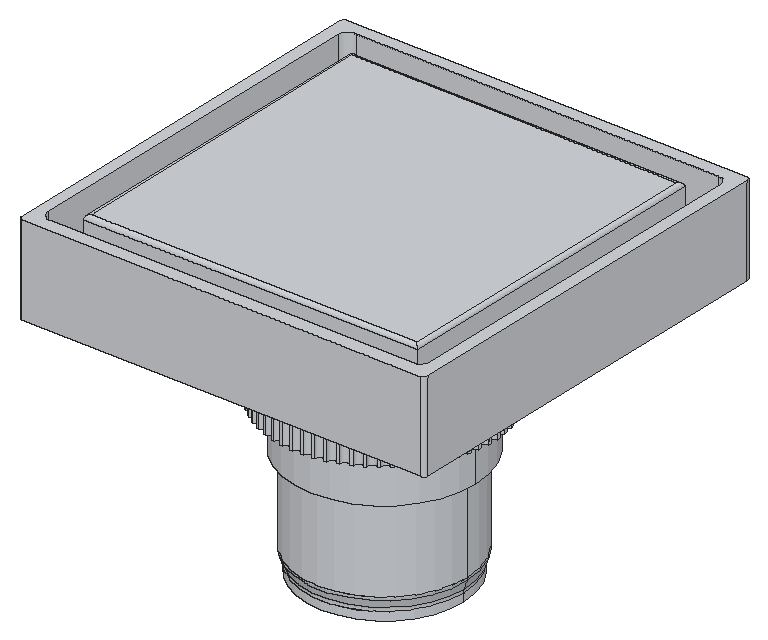
Revit family "Shower-Floor_Drain-KOHLER-HIDDEN-K-R75422T_1", category Plumbing Fixtures, host Face, Revit 2017
Family settings
  Host = Face
  Round Connector Dimension = Use Diameter
  Part Type = Normal
  OmniClass Number = 23.39.29.11
  OmniClass Title = Waste Water Drains
  Cut with Voids When Loaded = No
  Shared = No
  Room Calculation Point = No
Parameters (values of type "CP-Polished Chrome")
  Width = 3 15/16"  # constant formula
  WaterSense Certified = 1 = 0  # no
  Waste Water Outlet = "Waste Water Outlet"  # constant formula
  Waste Connection = 1 = 1  # yes
  Vent Connection = 1 = 0  # no
  URL = "http://www.kohler.com.cn/"
  Type = 1
  Product Page URL = ""
  Product Name = "HIDDEN"  # constant formula
  Product Documentation Link = ""
  Pressure = 0.00 psi
  Model = "K-R75422T-CP"  # constant formula
  Material = "Brass Construction"  # constant formula
  Master Format 2014 Name = "Sanitary Drains"  # constant formula
  Master Format 2014 = "22 13 19.13"  # constant formula
  Manufacturer Address = "Kohler Beijing Office (100016) 36-2-03-B, No. 88, Liuxiang Road, Beijing"  # constant formula
  Manufacturer = "KOHLER Co."  # constant formula
  Length = 3 15/16"  # constant formula
  Hot Water Inlet = "Hot Water Inlet"  # constant formula
  Height = 3 29/128"  # constant formula
  HW Connection = 1 = 0  # no
  Flow Rate = 0 GPM
  Finish = Kohler-Metal-CP-Polished_Chrome
  Environmental Product Declaration = ""
  Description = "Floor Drain 100mm X 100mm"  # constant formula
  Default Elevation = 0"
  Declare Label = ""
  Date Modified = "03/12/2021"  # constant formula
  Date Created = "03/12/2021"  # constant formula
  Copyright = "Copyright KOHLER Co."  # constant formula
  Contact Us = "http://www.kohler.com.cn/contact/contact-us/"
  Cold Water Inlet = "Cold Water Inlet"  # constant formula
  CW Connection = 1 = 0  # no
  Assembly Code = "D2030300"
  ADA Compliant = 1 = 0  # no
Reference planes (in)
  plane 1 "Center (Front/Back)": y = 0
  plane 2: z = 0
  plane 3 "Center (Left/Right)": x = 0
  plane 4: x = -1.9685039
  plane 5: x = -1.6141732
  plane 6: y = 1.9685039
  plane 7: y = 1.6141732
  plane 8: x = 1.9689961
  plane 9: x = 1.6141732
  plane 10: y = -1.9689961
  plane 11: y = -1.6141732
  plane 12: z = -0.8661417
  plane 13: z = -1.7322835
  plane 14: z = -2.1653543
  plane 15: z = -3.2265625
  plane 16: x = -1.0629921
  plane 17: x = -0.8858268
  plane 18: x = -0.8070866
  plane 19: x = 1.0629921
  plane 20: x = 0.8858268
  plane 21: x = 0.8070866
  plane 22: y = 1.0629921
  plane 23: y = 0.8858268
  plane 24: y = 0.8070866
  plane 25: y = -1.0629921
  plane 26: y = -0.8858268
  plane 27: y = -0.8070866
Forms (in)
  Extrusion 1, void
    sketch origin (0, 0, 0) x (1, 0, 0) y (0, 1, 0)
      loop
        line (1.929626, 1.9685039) -> (-1.9276712, 1.9685039)
        arc (-1.9276712, 1.9685039) -> (-1.9565443, 1.9565443) -> (-1.9685039, 1.9276712) r 0.0408327
        line (-1.9685039, 1.9276712) -> (-1.9685039, -1.929626)
        arc (-1.9685039, -1.929626) -> (-1.9569727, -1.9574648) -> (-1.9291339, -1.9689961) r 0.0393701
        line (-1.9291339, -1.9689961) -> (1.929626, -1.9689961)
        arc (1.929626, -1.9689961) -> (1.9574648, -1.9574648) -> (1.9689961, -1.929626) r 0.0393701
        line (1.9689961, -1.929626) -> (1.9689961, 1.9291339)
        arc (1.9689961, 1.9291339) -> (1.9574648, 1.9569727) -> (1.929626, 1.9685039) r 0.0393701
    from 0 to -0.8661417
  Revolve 2, void
    sketch origin (0, 0, 0) x (1, 0, 0) y (0, 0, 1)
      loop
        line (0, -3.2283465) -> (0, -0.8661417) -> (-1.0629921, -0.8661417) -> (-1.0629921, -3.2283465) -> (0, -3.2283465)
      axis (0, -0.8661417) -> (0, -3.2283465)
    angle from 0 to 360
Dimensions and locks (in)
  "Width": plane 4 to plane 8
  "Length": plane 6 to plane 10
  locked: plane 11 to plane 7 at 3.2283465
  locked: plane 5 to plane 9 at 3.2283465
  locked: plane 2 to plane 12 at 0.8661417
  locked: plane 2 to plane 13 at 1.7322835
  locked: plane 2 to plane 14 at 2.1653543
  "Height": plane 2 to plane 15
  locked: plane 18 to plane 21 at 1.6141732
  locked: plane 17 to plane 20 at 1.7716535
  locked: plane 16 to plane 19 at 2.1259843
  locked: plane 24 to plane 27 at 1.6141732
  locked: plane 23 to plane 26 at 1.7716535
  locked: plane 22 to plane 25 at 2.1259843
  aligned and locked: plane 2 to host face
  aligned and locked: level to host face
Automatic sketch dimensions
  host sketch curve to host sketch curve = 96"  (x2)
  Extrusion 1 sketch curve to plane 4 = 0"
  Extrusion 1 sketch curve to plane 10 = 0"
  plane 6 to Extrusion 1 sketch curve = 0"
  Extrusion 1 sketch curve to plane 8 = 0"
  Extrusion 1 sketch curve to plane 4 = 0.03937"
  Extrusion 1 sketch curve to Extrusion 1 sketch curve = 0.04083"
  Extrusion 1 sketch curve to Extrusion 1 sketch curve = 0.03937"
  Extrusion 1 sketch curve to plane 8 = 0.03937"
  Revolve 2 sketch curve to plane 3 "Center (Left/Right)" = 0"  (x2)
  Revolve 2 sketch curve to plane 5 = 0.55118"
  Revolve 2 sketch curve to level = 3.22835"
  Revolve 2 sketch curve to level = 0.86614"
  Revolve 2 sketch curve to Revolve 2 sketch curve = 0"
  Revolve 2 sketch curve to Revolve 2 sketch curve = 0.59055"
Nested families (in)
  nested 1: "K-R75422T" at (0, 0, 0), type "K-R75422T"
Connectors (in)
  piping at (0, 0, -3.2283465), diameter 1.6132813, driven by "Waste Connection", driven by "Waste Water Outlet"
    settings: on nested 1, index 1, connector inside diameter 24", connector length 0", flow factor 0, pipe flow 0 GPM, pressure drop 0.00 psi, fitting loss kfactor 0, connector angle 0.00°, fixture units 0, engagement length 0", angle of deflection 0.00°, flow configuration 0, flow direction 2, fitting loss method 0, system type 16, joint type 0, gender type 0, connector reference index -1, connector utility 1, adjustable connector no, is connector primary yes, connector description "Waste Water Outlet"
Definition of nested family "K-R75422T"
  Parameters (values of type "K-R75422T")
    Material = none
  Reference planes (in)
    plane 1 "Center (Front/Back)": y = 0
    plane 2: z = 0
    plane 3 "Center (Left/Right)": x = 0
    plane 4: x = -1.9685039
    plane 5: x = 1.9685039
    plane 6: y = 1.9685039
    plane 7: y = -1.9685039
    plane 8: x = -1.6141732
    plane 9: x = 1.6141732
    plane 10: y = 1.6141732
    plane 11: y = -1.6141732
    plane 12: z = -3.2283465
    plane 13: z = -2.1653543
    plane 14: z = -1.7322835
    plane 15: z = -0.8661417
    plane 16: x = -1.0629921
    plane 17: x = 1.0629921
    plane 18: x = -0.8858268
    plane 19: x = 0.8858268
    plane 20: x = -0.8070866
    plane 21: x = 0.8070866
  Forms (in)
    Revolve 1, solid, material <- "Material", detail levels medium+fine
      sketch origin (0, 0, 0) x (1, 0, 0) y (0, 0, 1)
        loop
          line (-0.8858268, -2.1653543) -> (-0.8070866, -2.1653543) -> (-0.8070866, -3.0022767)
          arc (-0.8070866, -3.0022767) -> (-0.8056356, -3.0188616) -> (-0.8013267, -3.0349426) r 0.095509
          line (-0.8013267, -3.0349426) -> (-0.7749488, -3.1074155)
          arc (-0.7749488, -3.1074155) -> (-0.7695384, -3.1276071) -> (-0.7677165, -3.1484315) r 0.1199227
          line (-0.7677165, -3.1484315) -> (-0.7677165, -3.2283465) -> (0, -3.2283465) -> (0, -0.8661417) -> (-1.0629921, -0.8661417) -> (-1.0629921, -1.246001)
          arc (-1.0629921, -1.246001) -> (-1.0566318, -1.2613562) -> (-1.0412766, -1.2677165) r 0.0217155
          line (-1.0412766, -1.2677165) -> (-0.9713761, -1.2677165) -> (-0.9291614, -1.2874016) -> (-1.0629921, -1.2874016) -> (-1.0629921, -1.7322835) -> (-0.8858268, -1.7322835) -> (-0.8858268, -2.1653543)
        axis (0, -0.8661417) -> (0, -3.2283465)
      angle from 0 to 360
    Extrusion 2, solid, material <- "Material", detail levels medium+fine
      sketch origin (0, 0, 0) x (1, 0, 0) y (0, 1, 0)
        loop
          arc (-1.9276712, 1.9685039) -> (-1.9565443, 1.9565443) -> (-1.9685039, 1.9276712) r 0.0408327
          line (-1.9685039, 1.9276712) -> (-1.9685039, -1.9291339)
          arc (-1.9685039, -1.9291339) -> (-1.9569727, -1.9569727) -> (-1.9291339, -1.9685039) r 0.0393701
          line (-1.9291339, -1.9685039) -> (1.9291339, -1.9685039)
          arc (1.9291339, -1.9685039) -> (1.9569727, -1.9569727) -> (1.9685039, -1.9291339) r 0.0393701
          line (1.9685039, -1.9291339) -> (1.9685039, 1.9291339)
          arc (1.9685039, 1.9291339) -> (1.9569727, 1.9569727) -> (1.9291339, 1.9685039) r 0.0393701
          line (1.9291339, 1.9685039) -> (-1.9276712, 1.9685039)
        loop
          line (1.7519685, 1.8503937) -> (-1.7536021, 1.8503937)
          arc (-1.7536021, 1.8503937) -> (-1.8220441, 1.8220441) -> (-1.8503937, 1.7536021) r 0.0967916
          line (-1.8503937, 1.7536021) -> (-1.8503937, -1.7519685)
          arc (-1.8503937, -1.7519685) -> (-1.8215656, -1.8215656) -> (-1.7519685, -1.8503937) r 0.0984252
          line (-1.7519685, -1.8503937) -> (1.7519685, -1.8503937)
          arc (1.7519685, -1.8503937) -> (1.8215656, -1.8215656) -> (1.8503937, -1.7519685) r 0.0984252
          line (1.8503937, -1.7519685) -> (1.8503937, 1.7519685)
          arc (1.8503937, 1.7519685) -> (1.8215656, 1.8215656) -> (1.7519685, 1.8503937) r 0.0984252
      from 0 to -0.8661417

* * * * * * *

### Assignment
Which lines above run from the one containing "locked: plane 17 to plane 20 at 1.7716535" to the one containing "aligned and locked: level to host face"? Give them again exactly, both ends included.

### Response to the exercise
  locked: plane 17 to plane 20 at 1.7716535
  locked: plane 16 to plane 19 at 2.1259843
  locked: plane 24 to plane 27 at 1.6141732
  locked: plane 23 to plane 26 at 1.7716535
  locked: plane 22 to plane 25 at 2.1259843
  aligned and locked: plane 2 to host face
  aligned and locked: level to host face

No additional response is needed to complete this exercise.